Somehow I’ll Find My Way Home

I spend long times dwelling on the questions of being and belonging, in a place, in a time or within a group. And after over half a century on this earth, I realize that I relate most to people who have similar questions about belonging. I gradually drifted from people who closely identified with ideals, from a nationalistic or religious angle. My nature is a questioning one, and I feel that my personality, my likes and dislikes are not fixed. Nothing ever remains the same so why should people relate closely to identities and groups they did not even choose.

If we can rethink our choices of careers, partners, friends and favourite activities, why can’t we revise our ideas of home, culture, religion and tribe? The identities we were born with were imposed on us and we should have the power to question and change them. If I take this thinking further I can venture to say that the least interesting people I know are those who were born into certain categories of existence and spent their lives defending them and trying to tell me and others that theirs was the only way to live. When I am faced with such arguments I mostly nod my head sadly and wonder about where their convictions came from when they haven’t tried other options. The most powerful arguments of this type come from religious or nationalistic camps. It is easy to get trapped into logical fallacies when you proclaim your way as the only way, given that you have tried no other options. That is why religious propaganda and missionary work often relies on converts who have found their true saviours in Allah, Jesus or Jehovah after being failed by one of the former or by any other styles of belief or non-belief that exist in the world today.

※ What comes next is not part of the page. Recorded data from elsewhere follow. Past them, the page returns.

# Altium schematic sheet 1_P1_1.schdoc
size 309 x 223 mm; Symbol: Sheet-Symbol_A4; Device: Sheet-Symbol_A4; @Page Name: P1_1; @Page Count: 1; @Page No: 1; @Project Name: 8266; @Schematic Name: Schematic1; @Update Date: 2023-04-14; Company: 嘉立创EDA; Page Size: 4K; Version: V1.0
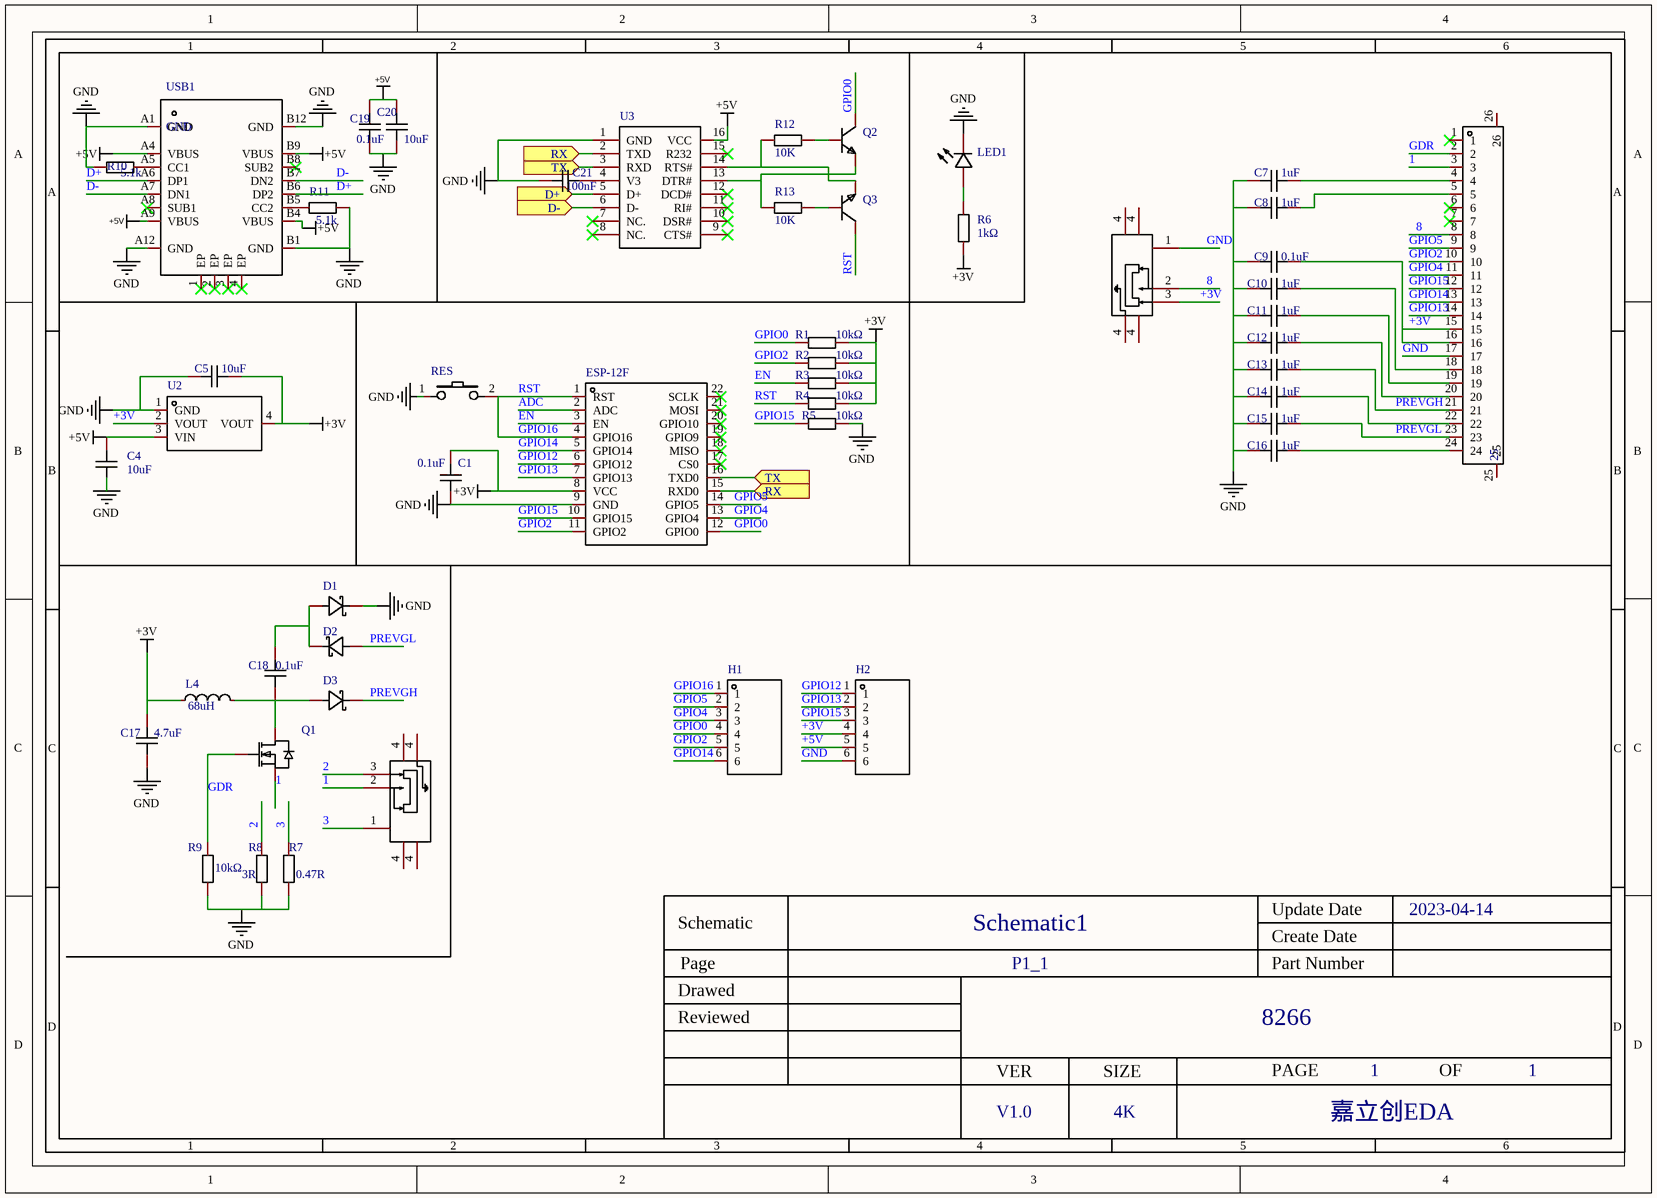
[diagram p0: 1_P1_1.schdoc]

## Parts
C1  value 0.1uF  [C0402]  (hidden comment: CC0603KRX7R9BB104)
C4  value 10uF  [C0402]  (hidden comment: CC0603KRX7R9BB104)
C5  value 10uF  [C0402]  (hidden comment: CC0603KRX7R9BB104)
C7  value 1uF  [C0402]  (hidden comment: CC0603KRX7R9BB104)
C8  value 1uF  [C0402]  (hidden comment: CC0603KRX7R9BB104)
C9  value 0.1uF  [C0402]  (hidden comment: CC0603KRX7R9BB104)
C10  value 1uF  [C0402]  (hidden comment: CC0603KRX7R9BB104)
C11  value 1uF  [C0402]  (hidden comment: CC0603KRX7R9BB104)
C12  value 1uF  [C0402]  (hidden comment: CC0603KRX7R9BB104)
C13  value 1uF  [C0402]  (hidden comment: CC0603KRX7R9BB104)
C14  value 1uF  [C0402]  (hidden comment: CC0603KRX7R9BB104)
C15  value 1uF  [C0402]  (hidden comment: CC0603KRX7R9BB104)
C16  value 1uF  [C0402]  (hidden comment: CC0603KRX7R9BB104)
C17  value 4.7uF  [C0402]  (hidden comment: CC0603KRX7R9BB104)
C18  value 0.1uF  [C0402]  (hidden comment: CC0603KRX7R9BB104)
C19  value 0.1uF  [C0402]  (hidden comment: CC0603KRX7R9BB104)
C20  value 10uF  [C0402]  (hidden comment: CC0603KRX7R9BB104)
C21  value 100nF  [C0603]  (hidden comment: CAP_0603)
D1  MBR0530_C699108  [SOD-123_L2.7-W1.6-LS3.7-RD-1]  (value not drawn)
D2  MBR0530_C699108  [SOD-123_L2.7-W1.6-LS3.7-RD-1]  (value not drawn)
D3  MBR0530_C699108  [SOD-123_L2.7-W1.6-LS3.7-RD-1]  (value not drawn)
ESP-12F  ESP-12F(ESP8266MOD)  [WIFIM-SMD_ESP-12F-ESP8266MOD]  (value not drawn)
FPC1  NAME: 25  [FPC-SMD_24P-P0.50_HDGC_0.5K-BS-24PWB]  (hidden comment: 0.5K-BS-24PWB)
H1  Z-211-0611-0021-001  [HDR-TH_6P-P2.54-V_Z-211-0611-0021-001]  (value not drawn)
H2  Z-211-0611-0021-001  [HDR-TH_6P-P2.54-V_Z-211-0611-0021-001]  (value not drawn)
L4  value 68uH  [IND-SMD_L4.0-W4.0_SWPA4018S]  (hidden comment: SWPA4018S680MT)
LED1  19-217/R6C-AL1M2VY/3T  [LED0603-R-RD]  (value not drawn)
Q1  AO3400  [SOT-23-3_L3.0-W1.7-P0.95-LS2.9-BR]  (value not drawn)
Q2  S8050_NPN  [SOT-23_L2.9-W1.3-P1.90-LS2.4-BR]  (value not drawn)
Q3  S8050_NPN  [SOT-23_L2.9-W1.3-P1.90-LS2.4-BR]  (value not drawn)
R1  value 10kΩ  [R0603]  (hidden comment: TR0603B10K0P0525Z)
R2  value 10kΩ  [R0603]  (hidden comment: TR0603B10K0P0525Z)
R3  value 10kΩ  [R0603]  (hidden comment: TR0603B10K0P0525Z)
R4  value 10kΩ  [R0603]  (hidden comment: TR0603B10K0P0525Z)
R5  value 10kΩ  [R0603]  (hidden comment: TR0603B10K0P0525Z)
R6  value 1kΩ  [R0603]  (hidden comment: TR0603B10K0P0525Z)
R7  value 0.47R  [R0603]  (hidden comment: TR0603B10K0P0525Z)
R8  value 3R  [R0603]  (hidden comment: TR0603B10K0P0525Z)
R9  value 10kΩ  [R0603]  (hidden comment: TR0603B10K0P0525Z)
R10  value 5.1k  [R0603]  (hidden comment: Res_0603)
R11  value 5.1k  [R0603]  (hidden comment: Res_0603)
R12  value 10K  [R0603]  (hidden comment: Res_0603)
R13  value 10K  [R0603]  (hidden comment: Res_0603)
RES  TC-3602-4.3-260G  [KEY-SMD_L6.0-W3.6-LS8.3-L]  (value not drawn)
SW1  MSK12C02  [SW-TH_MSK12C02]  (value not drawn)
SW2  MSK12C02  [SW-TH_MSK12C02]  (value not drawn)
U2  AMS1117-2.5_C498436  [SOT-223-3_L6.7-W3.7-P2.30-LS7.0-BR]  (value not drawn)
U3  CH340C  [SOP-16_L10.0-W3.9-P1.27-LS6.0-BL]  (value not drawn)
USB1  NAME: GND  [USB-C-SMD_KH-TYPE-C-16P]  (hidden comment: USB_TYPE-C-16P)

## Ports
D+ (in), D- (in), RX (in), TX (in)

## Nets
+3V: C1.2 C5.1 C9.2 C17.2 ESP-12F.8(VCC) FPC1.15 FPC1.16 H2.4 L4.1 R1.2 R2.2 R3.2 R4.2 R6.1 SW1.3 U2.2(VOUT) U2.4(VOUT)
+5V: C4.2 C19.2 C20.2 H2.5 U2.3(VIN) U3.16(VCC) USB1.A4(VBUS) USB1.A9(VBUS) USB1.B4(VBUS) USB1.B9(VBUS)
GND: C1.1 C4.1 C5.2 C7.1 C8.1 C9.1 C10.1 C11.1 C12.1 C13.1 C14.1 C15.1 C16.1 C17.1 C19.1 C20.1 C21.1 D1.1(K) ESP-12F.9(GND) FPC1.17 H2.6 LED1.2(C) R5.2 R7.1 R8.1 R9.1 R10.1 R11.2 RES.1 SW1.1 U2.1(GND) U3.1(GND) USB1.A1(GND) USB1.A12(GND) USB1.B1(GND) USB1.B12(GND)
1: FPC1.3 Q1.2(S) SW2.2
2: R8.2 SW2.3
3: R7.2 SW2.1
8: FPC1.8 SW1.2
ADC: ESP-12F.2(ADC)
D+: USB1.A6(DP1) USB1.B6(DP2)
D+: U3.5(D+) ; port D+  [a separate net that carries the same name]
D-: USB1.A7(DN1) USB1.B7(DN2)
D-: U3.6(D-) ; port D-  [a separate net that carries the same name]
EN: ESP-12F.3(EN) R3.1
GDR: FPC1.2 Q1.1(G) R9.2
GPIO0: ESP-12F.12(GPIO0) H1.4 Q2.3(C) R1.1
GPIO2: ESP-12F.11(GPIO2) FPC1.10 H1.5 R2.1
GPIO4: ESP-12F.13(GPIO4) FPC1.11 H1.3
GPIO5: ESP-12F.14(GPIO5) FPC1.9 H1.2
GPIO12: ESP-12F.6(GPIO12) H2.1
GPIO13: ESP-12F.7(GPIO13) FPC1.14 H2.2
GPIO14: ESP-12F.5(GPIO14) FPC1.13 H1.6
GPIO15: ESP-12F.10(GPIO15) FPC1.12 H2.3 R5.1
GPIO16: ESP-12F.1(RST) ESP-12F.4(GPIO16) H1.1 Q3.3(C) R4.1 RES.2  [also labelled RST]
PREVGH: C13.2 D3.1(K) FPC1.21
PREVGL: C15.2 D2.2(A) FPC1.23
RX: ESP-12F.15(RXD0) U3.2(TXD) ; port RX
TX: ESP-12F.16(TXD0) U3.3(RXD) ; port TX
NetC7_2: C7.2 FPC1.4
NetC8_2: C8.2 FPC1.5
NetC10_2: C10.2 FPC1.18
NetC11_2: C11.2 FPC1.19
NetC12_2: C12.2 FPC1.20
NetC14_2: C14.2 FPC1.22
NetC16_2: C16.2 FPC1.24
NetC18_1: C18.1 D3.2(A) L4.2 Q1.3(D)
NetC18_2: C18.2 D1.2(A) D2.1(K)
NetC21_2: C21.2 U3.4(V3)
NetLED1_1: LED1.1(A) R6.2
NetQ2_1: Q2.1(E) R12.2
NetQ2_2: Q2.2(B) R13.1 U3.13(DTR#)
NetQ3_1: Q3.1(E) R13.2
NetQ3_2: Q3.2(B) R12.1 U3.14(RTS#)
NetR10_2: R10.2 USB1.A5(CC1)
NetR11_1: R11.1 USB1.B5(CC2)

Not connected (* = marked no-connect by the designer): ESP-12F 17(CS0)* 18(MISO)* 19(GPIO9)* 20(GPIO10)* 21(MOSI)* 22(SCLK)*; FPC1 1* 6* 7* 25 26; SW1 4; SW2 4; U3 7(NC.)* 8(NC.)* 9(CTS#)* 10(DSR#)* 11(RI#)* 12(DCD#)* 15(R232)*; USB1 1(EP)* 2(EP)* 3(EP)* 4(EP)* A8(SUB1)* B8(SUB2)*

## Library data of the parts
C1 C4 C5 C7-C20 = CC0603KRX7R9BB104: 容值:100nF;精度:±10%;额定电压:50V;材质(温度系数):X7R;; Manufacturer: YAGEO(国巨); Add into BOM: yes; Tolerance: ±10%; Voltage Rated: 50V; Temperature Coefficient: X7R
C21 = CAP_0603: Symbol: C1210X7R475K630NT; Convert to PCB: yes
D1-D3 = MBR0530_C699108: 直流反向耐压(Vr):30V;平均整流电流(Io):500mA;正向压降(Vf):550mV@500mA;; Manufacturer: YANGJIE(扬杰); Add into BOM: yes; Reverse Voltage (Vr): 30V; Average Rectified Current (Io): 500mA
ESP-12F = ESP-12F(ESP8266MOD): 屏蔽罩上的丝印是：ESP8266MOD，ESP8266EX串口WIFI; Manufacturer: Ai-Thinker(安信可); Add into BOM: yes
FPC1 = 0.5K-BS-24PWB: 间距:0.5mm;触点数量:24;锁定特性:抽屉式;安装类型:卧贴;触点类型:上接;工作温度范围:-20~+85;; Manufacturer: HDGC(华德共创); Add into BOM: yes; Pitch: 0.5mm; Number of Contacts: 24; Locking Feature: 抽屉式; FFC, FCB Thickness: 0.3mm
H1 H2 = Z-211-0611-0021-001: 间距:2.54mm;总PIN位数:6;排数:1;插针结构:1x6P;行距:-;安装类型:直插;圆针/方针:方针;额定电流:-;额定电压:-;配合针长度:6mm;塑高:2.5mm;端接针长度:3mm;触头材质:黄铜;触头镀层:-;工作温度范围:-25~+105;颜色:黑色;; Manufacturer: Nextron(正凌); Add into BOM: yes; Pitch: 2.54mm; Pin Structure: 1x6P; Circluar Pins/Square Pins: 方针
L4 = SWPA4018S680MT: 直流电阻(DCR):1.3Ω;精度:±20%;电感值:68uH;额定电流:320mA;; Manufacturer: Sunlord(顺络); Add into BOM: yes; DC Resistance (DCR): 1.3Ω; Tolerance: ±20%; Rated Current: 320mA
LED1 = 19-217/R6C-AL1M2VY/3T: 发光颜色:红灯;二极管配置:-;透镜颜色:无色透明;主波长:617.5nm;峰值波长:632nm;色温:-;光通量(25时):-;测试电流:5mA;正向电压(VF):2.2V;发光强度:28.5mcd;功率:60mW;发光角度:120°;安装方式:-;工作温度:-40~+85;; Manufacturer: EVERLIGHT(台湾亿光); Add into BOM: yes; Emitted Color: 红灯; Lens Color: 无色透明; Peak Wavelength: 632nm; Forward Current: 5mA; Forward Voltage (VF): 2.2V; Power Dissipation: 60mW; Viewing Angle: 120°
Q1 = AO3400: 类型:N管;漏源电压(Vdss):30V;连续漏极电流(Id):5.8A;功率(Pd):1.4W;导通电阻(RDS(on)@Vgs,Id):29mΩ@10V,5.8A;阈值电压(Vgs(th)@Id):1.1V@250A;栅极电荷(Qg@Vgs):9.7nC@4.5V;输入电容(Ciss@Vds):823pF@15V;反向传输电容(Crss@Vds):77pF@15V;工作温度:-50~+150;; Manufacturer: YFW(佑风微); Symbol: AO3400_C2977509; Add into BOM: yes; Type: N管; Drain Source Voltage (Vdss): 30V; Power Dissipation (Pd): 1.4W
Q2 Q3 = S8050_NPN: 晶体管类型:NPN;集射极击穿电压(Vceo):25V;集电极电流(Ic):500mA;功率(Pd):300mW;集电极-发射极饱和电压(VCE(sat)@Ic,Ib):600mV@500mA,50mA;直流电流增益(hFE@Ic,Vce):-;特征频率(fT):150MHz;工作温度:+150@(Tj);; Symbol: NPN; Convert to PCB: yes
R1-R9 = TR0603B10K0P0525Z: 阻值:10kΩ;精度:±0.1%;温度系数:±25ppm/;功率:100mW;工作温度范围:-55~+155;电阻类型:薄膜电阻;最大工作电压:75V;; Manufacturer: EVER OHMS(天二科技); Symbol: TR0603B10KP05250.1W; Add into BOM: yes; Tolerance: ±0.1%; Temperature Coefficient: ±25ppm/; Power(Watts): 100mW; Overload Voltage (Max): 75V
R10-R13 = Res_0603: Symbol: 电阻; Convert to PCB: yes
RES = TC-3602-4.3-260G: Manufacturer: HCTL(华灿天禄); Symbol: TC-3602-4.3-260GKK; Add into BOM: yes
SW1 SW2 = MSK12C02: Manufacturer: SHOU HAN(首韩); Add into BOM: yes
U2 = AMS1117-2.5_C498436: 输出类型:-;; Manufacturer: Slkor(萨科微); Add into BOM: yes
U3 = CH340C: 类型:Transceiver;协议类别:USB 2.0;驱动器/接收器数:-;数据速率:2Mbps;; Manufacturer: WCH(南京沁恒); Add into BOM: yes; Protocol: USB 2.0; Data Rate: 2Mbps; Supply Voltage: 3.3V, 5V
USB1 = USB_TYPE-C-16P: 连接器类型:Type-C;标准:-;公母:母座;触点数量:16;端口数量:1;安装方式:卧贴;额定电流 - 电源:3A;工作温度范围:-40~+85;; Symbol: KH-TYPE-C-16P; Add into BOM: yes

The most compelling spiritual stories are about people who have spent a long time on their journey and altered their destination or worldview to arrive where they are. None of the inspiring people we know was born into the lifestyle and existence that inspired us. We are mostly inspired by change, by moving from one state into the next and this in essence is what we seek for our spiritual life.

I type these words now as I look outside my window into a back courtyard of a European residential building. The neighbouring buildings are hiding behind the green veil of tall trees swaying in the breeze. The oak trees are still carrying their full foliage and haven’t yet turned colour and I am looking forward to the autumn palette that I have not seen in many years.

My own journey of belonging is taking another turn, and I now live in Europe. I still feel the pain of leaving Africa. Today I re-organised some of my things, most of which are still packed in suitcases. I came across some gifts I received and items I cherished. The vibrant colours of Africa spilled out of my luggage from shirts, clothing items, kikoys, shopping bags, and masks. The ache is still there, and I miss the friendly faces of my Kenyan friends who became like family to me. But I also notice that I am slowly making this city my own. I walk the streets and see myself in many people, the crazy, the non-conformist, the woman who wears fluffy fur sandals in the mall, and the woman who sings audibly as she awaits the traffic light to change colour. I see myself in the ageing man with a pot belly wearing his socks with his sandals and in the young-looking grandma choosing her three apples carefully in the market.

I love the colourful markets and the niches of counter-culture I discover every day. I have even developed a secret admiration for graffiti artists and those who stick copies of their poems on the bridges that cross the river and its canals.

I used to identify as African, defying my son who branded me with cultural appropriation. I still relate to the simple African lifestyle, to the spirit of the good people, their patience and benevolence. How they are ready to welcome a stranger into their lives and make him or her feel at home. I felt at home in Kenya, and I believe that I shall return to visit often. But after over two decades of moving places, countries and continents, I learned that the only home I need to make for myself is within my own heart. I learned to welcome and accept myself at every stage of my life, and acknowledge that I had a blessed one. I am lucky to be where I am now, and I was lucky to stay six years in Kenya. I now know that I was even lucky for my four years in New York. In those four years I did not learn to befriend the city and its people, but now I know that it was possible to find my niche even in that wild city. I could have hidden somewhere from its blatant consumerist culture and found a space where art and counter-culture thrive on the challenge the city’s existence created.

There is always a place to call home. And it changes with time. Ten years ago, I visited South Africa for the first time after moving to New York. My friend and her children met me at Cape Town airport. They held signs that welcomed me and my son home, decorated with stars, hearts, and glitter. The childish colourful drawing and words touched me deeply, and I kept these signs for a long time. When I moved to Nairobi I stuck the welcome signs on the wall of my bedroom. The rising sun shone on them every morning, and I gazed upon them every night as I drifted to sleep. The symbolism of the sign was that I was truly home, safely in my bed, in Africa.

I gave up that symbol after six years. I now understand that a gypsy like me might always be on the lookout for a home. That the home that I am looking for might not be an actual place, just a feeling that I have when I like myself just as I am in this moment. And somehow I’ll find my way home. Somehow, I will be going somewhere.